Thursday 7 January 2021

Wheat

  • Grain prices have moved considerably higher since our last report, with the US market up $18/t, Matif up €10/t, and London up just over £10/t on March 21 positions.
  • Talk of diminishing export availability from the Black Sea, continued buying interest from China and concerns over South American corn and soybean production due to dryness supported the recent rally. Trade talk suggests reduced South American output could push additional export demand into the US, helping to support global prices.
  • Argentina will suspend sales of corn for exports until 28 February. The surprising move is part of the government’s effort to ensure ample domestic food supplies.
  • Russian agency SovEcon has downgraded its estimate for Russia’s 2020/21 wheat exports to 36.3mln t, from 40.8mln t previously, due to an upcoming export tax aimed at stabilising domestic food prices.
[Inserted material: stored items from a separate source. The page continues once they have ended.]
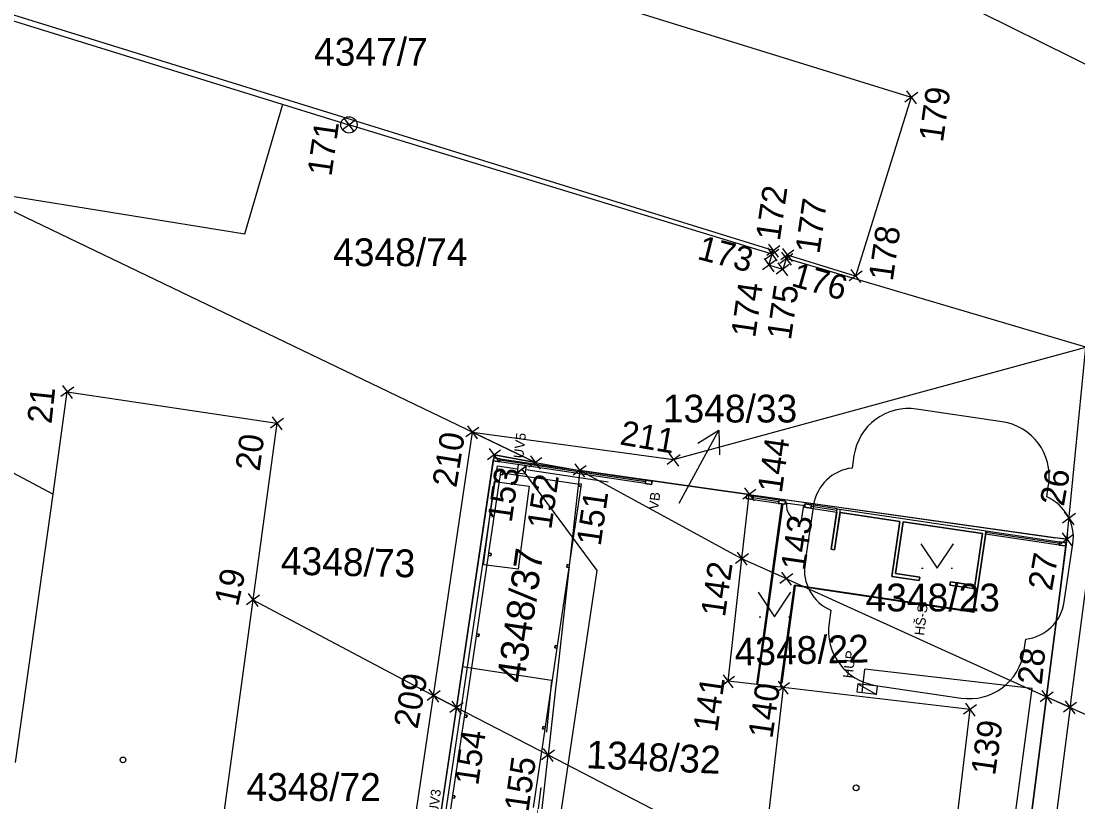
# Model space of a CAD drawing. Extents: x -735036 to -734743, y -1144813 to -1144181.
# Drawn here: x -734897 to -734832.3, y -1144527.8 to -1144480 of the extents above; entities that cross this region are included whole.
import ezdxf

# ---------------------------------------------------------------- set-up
doc = ezdxf.new("R2010")
doc.units = 0
for name, color, linetype in [('A3_BOURANÉ OBJEKTY', 7, 'Continuous'), ('A3_Netisk', 7, 'Continuous'), ('A3_ODVODŇOVACÍ ŽLAB', 7, 'Continuous'), ('A3_SIT_OBJEKTY_N01', 7, 'Continuous'), ('A3_SIT_PNB', 7, 'Continuous'), ('CKKOTY', 7, 'Continuous'), ('CKPLYN_POTRUBI_NT_PODZ_N', 7, 'Continuous'), ('CKTEXTY_MALE', 7, 'Continuous'), ('Groma (60)', 7, 'Continuous'), ('hranice pl. určené SŽDC', 7, 'Continuous'), ('Katastr_HRANICE DRÁHY', 7, 'Continuous'), ('Katastr_Hranice parcel', 7, 'Continuous'), ('Katastr_Parcelní čísla', 7, 'Continuous'), ('Katastr_Značky kultur', 7, 'Continuous'), ('SO05_CKKANALIZACE_JEDNOTNA_PODZ_N', 7, 'Continuous'), ('ZÁBORY_dočasné', 7, 'Continuous')]:
    doc.layers.add(name, color=color, linetype=linetype)

# ---------------------------------------------------------------- blocks, each defined once
blk = doc.blocks.new('POINT_DISPLAY')
for p, q in [((-0.35, -0.35), (0.35, 0.35)), ((-0.35, 0.35), (0.35, -0.35))]:
    blk.add_line(p, q)

msp = doc.modelspace()

# ---------------------------------------------------------------- linework, layer by layer
msp.add_line((-734866.625, -1144507.658), (-734866.057, -1144507.237))
for points in [[(-734866.625, -1144507.658), (-734866.13, -1144507.731), (-734866.057, -1144507.237), (-734866.551, -1144507.163)], [(-734866.625, -1144507.658), (-734866.13, -1144507.731), (-734866.057, -1144507.237)]]:
    msp.add_lwpolyline(points, close=True)
at = {"layer": 'A3_BOURANÉ OBJEKTY'}
msp.add_lwpolyline([(-734866.552, -1144513.548), (-734868.669, -1144513.299), (-734867.996, -1144508.198), (-734865.894, -1144508.483)], close=True, dxfattribs=at)
for points in [[(-734869.977, -1144519.507), (-734864.523, -1144520.336), (-734864.819, -1144523.525)], [(-734865.166, -1144526.906), (-734865.978, -1144533.409), (-734871.807, -1144532.846)]]:
    msp.add_lwpolyline(points, dxfattribs=at)
at = {"layer": 'A3_Netisk'}
msp.add_line((-734838.465, -1144514.774), (-734837.936, -1144511.213), dxfattribs=at)
at = {"layer": 'A3_ODVODŇOVACÍ ŽLAB'}
for points in [[(-734870.972, -1144528.414), (-734867.824, -1144507.227), (-734866.588, -1144507.411)], [(-734861.049, -1144508.234), (-734866.093, -1144507.484)]]:
    msp.add_lwpolyline(points, dxfattribs=at)
at = {"layer": 'A3_SIT_OBJEKTY_N01'}
for p, q in [((-734867.491, -1144507.64), (-734867.62, -1144507.621)), ((-734867.487, -1144507.681), (-734867.483, -1144507.651)), ((-734862.694, -1144508.352), (-734862.823, -1144508.333)), ((-734851.963, -1144520.613), (-734850.421, -1144509.56)), ((-734850.371, -1144509.567), (-734851.914, -1144520.619)), ((-734850.626, -1144509.529), (-734850.597, -1144509.332)), ((-734850.23, -1144509.588), (-734850.626, -1144509.529)), ((-734850.597, -1144509.332), (-734850.201, -1144509.39)), ((-734850.421, -1144509.56), (-734850.371, -1144509.567)), ((-734850.201, -1144509.39), (-734850.23, -1144509.588)), ((-734849.043, -1144509.765), (-734849.014, -1144509.567)), ((-734848.648, -1144509.823), (-734849.043, -1144509.765)), ((-734849.014, -1144509.567), (-734848.618, -1144509.626)), ((-734848.618, -1144509.626), (-734848.648, -1144509.823)), ((-734847.403, -1144512.334), (-734847.036, -1144509.861)), ((-734846.867, -1144510.088), (-734847.205, -1144512.363)), ((-734847.036, -1144509.861), (-734837.936, -1144511.213)), ((-734843.207, -1144510.632), (-734846.867, -1144510.088)), ((-734843.707, -1144513.995), (-734843.207, -1144510.632)), ((-734843.01, -1144510.661), (-734843.48, -1144513.826)), ((-734838.163, -1144511.381), (-734843.01, -1144510.661)), ((-734838.633, -1144514.546), (-734838.163, -1144511.381)), ((-734837.936, -1144511.213), (-734838.465, -1144514.774)), ((-734847.205, -1144512.363), (-734847.403, -1144512.334)), ((-734842.026, -1144514.245), (-734843.707, -1144513.995)), ((-734843.48, -1144513.826), (-734841.996, -1144514.047)), ((-734841.996, -1144514.047), (-734842.026, -1144514.245)), ((-734850.488, -1144520.532), (-734849.65, -1144514.527)), ((-734849.607, -1144514.584), (-734850.438, -1144520.538)), ((-734849.65, -1144514.527), (-734838.72, -1144516.151)), ((-734838.678, -1144516.208), (-734849.607, -1144514.584)), ((-734840.146, -1144514.524), (-734840.117, -1144514.326)), ((-734838.465, -1144514.774), (-734840.146, -1144514.524)), ((-734840.117, -1144514.326), (-734838.633, -1144514.546)), ((-734838.72, -1144516.151), (-734838.514, -1144514.766)), ((-734838.465, -1144514.774), (-734838.678, -1144516.208)), ((-734838.514, -1144514.766), (-734838.465, -1144514.774)), ((-734851.914, -1144520.619), (-734851.963, -1144520.613)), ((-734850.438, -1144520.538), (-734850.488, -1144520.532))]:
    msp.add_line(p, q, dxfattribs=at)
for points in [[(-734888.44, -1144569.554), (-734887.65, -1144563.8), (-734885.58, -1144548.75), (-734874.6, -1144550.79), (-734868.084, -1144506.936)], [(-734867.659, -1144506.797), (-734867.689, -1144506.994), (-734868.084, -1144506.936), (-734868.055, -1144506.738), (-734867.659, -1144506.797)], [(-734858.772, -1144508.218), (-734867.674, -1144506.895)], [(-734865.623, -1144528.137), (-734864.911, -1144523.339), (-734865.059, -1144523.317), (-734865.037, -1144523.169), (-734864.889, -1144523.191), (-734864.176, -1144518.394), (-734864.324, -1144518.372), (-734864.302, -1144518.223), (-734864.154, -1144518.245), (-734863.441, -1144513.448), (-734863.589, -1144513.426), (-734863.567, -1144513.278), (-734863.419, -1144513.3), (-734862.706, -1144508.502), (-734862.855, -1144508.48), (-734862.838, -1144508.372), (-734862.937, -1144508.357), (-734867.389, -1144507.696), (-734867.487, -1144507.681), (-734867.504, -1144507.79), (-734867.652, -1144507.767), (-734868.365, -1144512.565), (-734868.216, -1144512.587), (-734868.238, -1144512.735), (-734868.387, -1144512.713), (-734869.099, -1144517.511), (-734868.951, -1144517.533), (-734868.973, -1144517.681), (-734869.122, -1144517.659), (-734869.834, -1144522.456), (-734869.686, -1144522.478), (-734869.708, -1144522.627), (-734869.856, -1144522.605), (-734870.569, -1144527.402), (-734870.421, -1144527.424), (-734870.443, -1144527.572), (-734870.591, -1144527.55), (-734871.304, -1144532.348)], [(-734867.631, -1144507.629), (-734867.652, -1144507.767), (-734867.504, -1144507.79), (-734867.487, -1144507.681)], [(-734862.834, -1144508.342), (-734862.838, -1144508.372), (-734862.855, -1144508.48), (-734862.706, -1144508.502), (-734862.686, -1144508.364)], [(-734858.391, -1144508.376), (-734858.786, -1144508.317), (-734858.757, -1144508.119), (-734858.361, -1144508.178), (-734858.391, -1144508.376)], [(-734852.209, -1144509.294), (-734852.604, -1144509.236), (-734852.575, -1144509.038), (-734852.179, -1144509.097), (-734852.209, -1144509.294)], [(-734850.611, -1144509.431), (-734852.194, -1144509.195)], [(-734850.136, -1144509.501), (-734850.216, -1144509.489)], [(-734849.029, -1144509.666), (-734849.108, -1144509.654), (-734849.261, -1144510.683)], [(-734847.05, -1144509.96), (-734848.633, -1144509.724)], [(-734833.45, -1144511.98), (-734837.95, -1144511.312)], [(-734833.069, -1144512.138), (-734834.23, -1144521.36), (-734836.63, -1144539.96), (-734838.79, -1144556.7), (-734840.06, -1144566.59), (-734840.228, -1144567.714), (-734841.06, -1144574.32)], [(-734833.069, -1144512.138), (-734833.464, -1144512.079), (-734833.435, -1144511.881), (-734833.039, -1144511.94), (-734833.069, -1144512.138)], [(-734868.216, -1144512.587), (-734868.365, -1144512.565), (-734868.387, -1144512.713), (-734868.238, -1144512.735), (-734868.216, -1144512.587)], [(-734863.419, -1144513.3), (-734863.567, -1144513.278), (-734863.589, -1144513.426), (-734863.441, -1144513.448), (-734863.419, -1144513.3)], [(-734868.951, -1144517.533), (-734869.099, -1144517.511), (-734869.122, -1144517.659), (-734868.973, -1144517.681), (-734868.951, -1144517.533)], [(-734864.154, -1144518.245), (-734864.302, -1144518.223), (-734864.324, -1144518.372), (-734864.176, -1144518.394), (-734864.154, -1144518.245)], [(-734869.686, -1144522.478), (-734869.834, -1144522.456), (-734869.856, -1144522.605), (-734869.708, -1144522.627), (-734869.686, -1144522.478)], [(-734864.889, -1144523.191), (-734865.037, -1144523.169), (-734865.059, -1144523.317), (-734864.911, -1144523.339), (-734864.889, -1144523.191)], [(-734870.421, -1144527.424), (-734870.569, -1144527.402), (-734870.591, -1144527.55), (-734870.443, -1144527.572), (-734870.421, -1144527.424)]]:
    msp.add_lwpolyline(points, dxfattribs=at)
for points in [[(-734868.055, -1144506.738), (-734868.084, -1144506.936), (-734867.689, -1144506.994), (-734867.659, -1144506.797)], [(-734867.659, -1144506.797), (-734858.757, -1144508.119), (-734858.786, -1144508.317), (-734867.689, -1144506.994)], [(-734858.786, -1144508.317), (-734858.391, -1144508.376), (-734858.361, -1144508.178), (-734858.757, -1144508.119)], [(-734852.604, -1144509.236), (-734852.209, -1144509.294), (-734852.179, -1144509.097), (-734852.575, -1144509.038)], [(-734852.604, -1144509.236), (-734850.23, -1144509.588), (-734850.201, -1144509.39), (-734852.575, -1144509.038)], [(-734851.914, -1144520.619), (-734851.963, -1144520.613), (-734850.421, -1144509.56), (-734850.371, -1144509.567)], [(-734850.488, -1144520.532), (-734850.517, -1144520.781), (-734851.914, -1144520.619), (-734850.371, -1144509.567), (-734850.23, -1144509.588), (-734850.216, -1144509.489), (-734849.029, -1144509.666), (-734849.043, -1144509.765), (-734847.065, -1144510.059), (-734847.403, -1144512.334), (-734847.205, -1144512.363), (-734846.867, -1144510.088), (-734843.207, -1144510.632), (-734843.707, -1144513.995), (-734842.026, -1144514.245), (-734841.996, -1144514.047), (-734843.48, -1144513.826), (-734843.01, -1144510.661), (-734838.163, -1144511.381), (-734838.633, -1144514.546), (-734840.117, -1144514.326), (-734840.146, -1144514.524), (-734838.514, -1144514.766), (-734838.72, -1144516.151), (-734838.72, -1144516.151), (-734849.65, -1144514.527)], [(-734850.626, -1144509.529), (-734850.23, -1144509.588), (-734850.201, -1144509.39), (-734850.201, -1144509.39), (-734850.597, -1144509.332)], [(-734849.014, -1144509.567), (-734849.043, -1144509.765), (-734848.648, -1144509.823), (-734848.618, -1144509.626)], [(-734847.036, -1144509.861), (-734848.618, -1144509.626), (-734848.648, -1144509.823), (-734847.065, -1144510.059)], [(-734842.026, -1144514.245), (-734843.707, -1144513.995), (-734843.207, -1144510.632), (-734846.867, -1144510.088), (-734847.205, -1144512.363), (-734847.403, -1144512.334), (-734847.036, -1144509.861), (-734837.936, -1144511.213), (-734838.465, -1144514.774), (-734840.146, -1144514.524), (-734840.117, -1144514.326), (-734838.633, -1144514.546), (-734838.163, -1144511.381), (-734843.01, -1144510.661), (-734843.48, -1144513.826), (-734841.996, -1144514.047)], [(-734833.464, -1144512.079), (-734837.965, -1144511.411), (-734837.936, -1144511.213), (-734833.435, -1144511.881)], [(-734833.464, -1144512.079), (-734833.069, -1144512.138), (-734833.039, -1144511.94), (-734833.435, -1144511.881)], [(-734838.465, -1144514.774), (-734838.678, -1144516.208), (-734849.607, -1144514.584), (-734850.438, -1144520.538), (-734850.488, -1144520.532), (-734849.65, -1144514.527), (-734838.72, -1144516.151), (-734838.514, -1144514.766)]]:
    msp.add_lwpolyline(points, close=True, dxfattribs=at)
for centre, radius, start, end in [((-734867.621, -1144507.63), 0.01, 81.54908, 171.54908), ((-734867.493, -1144507.65), 0.01, 351.54908, 81.54908), ((-734862.824, -1144508.343), 0.01, 81.54908, 171.54908), ((-734862.695, -1144508.362), 0.01, 351.54908, 81.54908), ((-734849.108, -1144509.654), 1.04, 171.54994, 261.54908)]:
    msp.add_arc(centre, radius, start, end, dxfattribs=at)
at = {"layer": 'A3_SIT_PNB'}
for points in [[(-734836.945, -1144504.546), (-734842.187, -1144503.767)], [(-734846.016, -1144506.605), (-734846.13, -1144507.371)], [(-734834.221, -1144509.14), (-734834.107, -1144508.375)], [(-734848.49, -1144509.645), (-734849.019, -1144513.206)], [(-734833.153, -1144515.563), (-734832.624, -1144512.002)], [(-734847.422, -1144516.067), (-734847.536, -1144516.833)], [(-734835.626, -1144518.602), (-734835.513, -1144517.837)], [(-734844.698, -1144520.662), (-734839.455, -1144521.44)]]:
    msp.add_lwpolyline(points, dxfattribs=at)
for centre, radius, start, end in [((-734842.683, -1144507.1), 3.37, 81.54908, 171.54908), ((-734837.44, -1144507.879), 3.37, 351.54908, 81.54908), ((-734845.834, -1144510.039), 2.685, 96.32984, 171.54908), ((-734835.28, -1144511.607), 2.685, 351.54908, 66.76833), ((-734846.363, -1144513.6), 2.685, 171.54908, 246.76833), ((-734835.809, -1144515.168), 2.685, 276.32984, 351.54908), ((-734844.202, -1144517.328), 3.37, 171.54908, 261.54908), ((-734838.96, -1144518.107), 3.37, 261.54908, 351.54908)]:
    msp.add_arc(centre, radius, start, end, dxfattribs=at)
at = {"layer": 'CKKOTY'}
msp.add_line((-734847.205, -1144512.363), (-734846.838, -1144509.89), dxfattribs=at)
at = {"layer": 'CKPLYN_POTRUBI_NT_PODZ_N'}
msp.add_line((-734845.514, -1144521.105), (-734845.346, -1144519.67), dxfattribs=at)
msp.add_lwpolyline([(-734840.638, -1144562.238), (-734835.108, -1144520.855), (-734845.346, -1144519.67)], dxfattribs=at)
for points in [[(-734844.641, -1144521.205), (-734844.583, -1144520.71), (-734845.775, -1144520.57), (-734845.833, -1144521.066)], [(-734844.633, -1144521.222), (-734844.583, -1144520.71), (-734845.773, -1144520.571)]]:
    msp.add_lwpolyline(points, close=True, dxfattribs=at)
at = {"layer": 'hranice pl. určené SŽDC'}
for p, q in [((-734883.27, -1144493.05), (-734880.96, -1144485.12)), ((-734900.35, -1144490.28), (-734883.27, -1144493.05))]:
    msp.add_line(p, q, dxfattribs=at)
at = {"layer": 'Katastr_HRANICE DRÁHY'}
msp.add_line((-734861.21, -1144468.1), (-734830.02, -1144483.57), dxfattribs=at)
for points in [[(-734832.95, -1144511.4), (-734831.84, -1144499.97)], [(-734895.01, -1144508.96), (-734894.14, -1144502.71)], [(-734894.14, -1144502.71), (-734881.31, -1144504.63)], [(-734881.31, -1144504.63), (-734882.78, -1144515.44)], [(-734897.31, -1144525.39), (-734895.01, -1144508.96)], [(-734832.99, -1144511.73), (-734832.95, -1144511.4)], [(-734834.23, -1144521.36), (-734832.99, -1144511.73)], [(-734882.78, -1144515.44), (-734885, -1144531.74)], [(-734836.63, -1144539.96), (-734834.23, -1144521.36)]]:
    msp.add_lwpolyline(points, dxfattribs=at)
at = {"layer": 'Katastr_Hranice parcel'}
for points in [[(-734902.72, -1144466.02), (-734842.51, -1144484.69)], [(-734917.71, -1144473.71), (-734876.91, -1144486.38)], [(-734850.95, -1144494.07), (-734906.11, -1144476.96)], [(-734942.87, -1144483.49), (-734895.01, -1144508.96)], [(-734865.5, -1144507.03), (-734912.56, -1144484.42)], [(-734842.51, -1144484.69), (-734845.92, -1144495.63)], [(-734851.02, -1144494.29), (-734876.91, -1144486.38)], [(-734850.95, -1144494.07), (-734851.02, -1144494.29)], [(-734851.22, -1144494.96), (-734851.02, -1144494.29)], [(-734850.16, -1144494.56), (-734850.37, -1144495.22)], [(-734850.09, -1144494.34), (-734850.16, -1144494.56)], [(-734831.84, -1144499.97), (-734850.16, -1144494.56)], [(-734845.92, -1144495.63), (-734850.09, -1144494.34)], [(-734850.37, -1144495.22), (-734851.22, -1144494.96)], [(-734868.03, -1144506.57), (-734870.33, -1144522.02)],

  • Conversely, Ukraine’s trade union has reported government assurances that no additional grain export limits will be imposed for the 2020/21 season.
  • China’s government will take action to ensure the country’s total grain output remains above 650mln t in the coming year. It has also vowed to maintain its sown area above 116.67mln ha.
  • Egypt’s supply minister reports the country has strategic wheat reserves sufficient for 5.5 months.
  • However, Morocco has extended its suspension of import duties on soft wheat until 31 May to ensure regular supply amid low domestic output.
  • DEFRA released an update on its 2020 UK crop estimates, pegging wheat production at 9.658mln t (down 40% y/y). This figure came from a 24% drop in area (1.387mln ha) and an average yield of just below 7t/ha.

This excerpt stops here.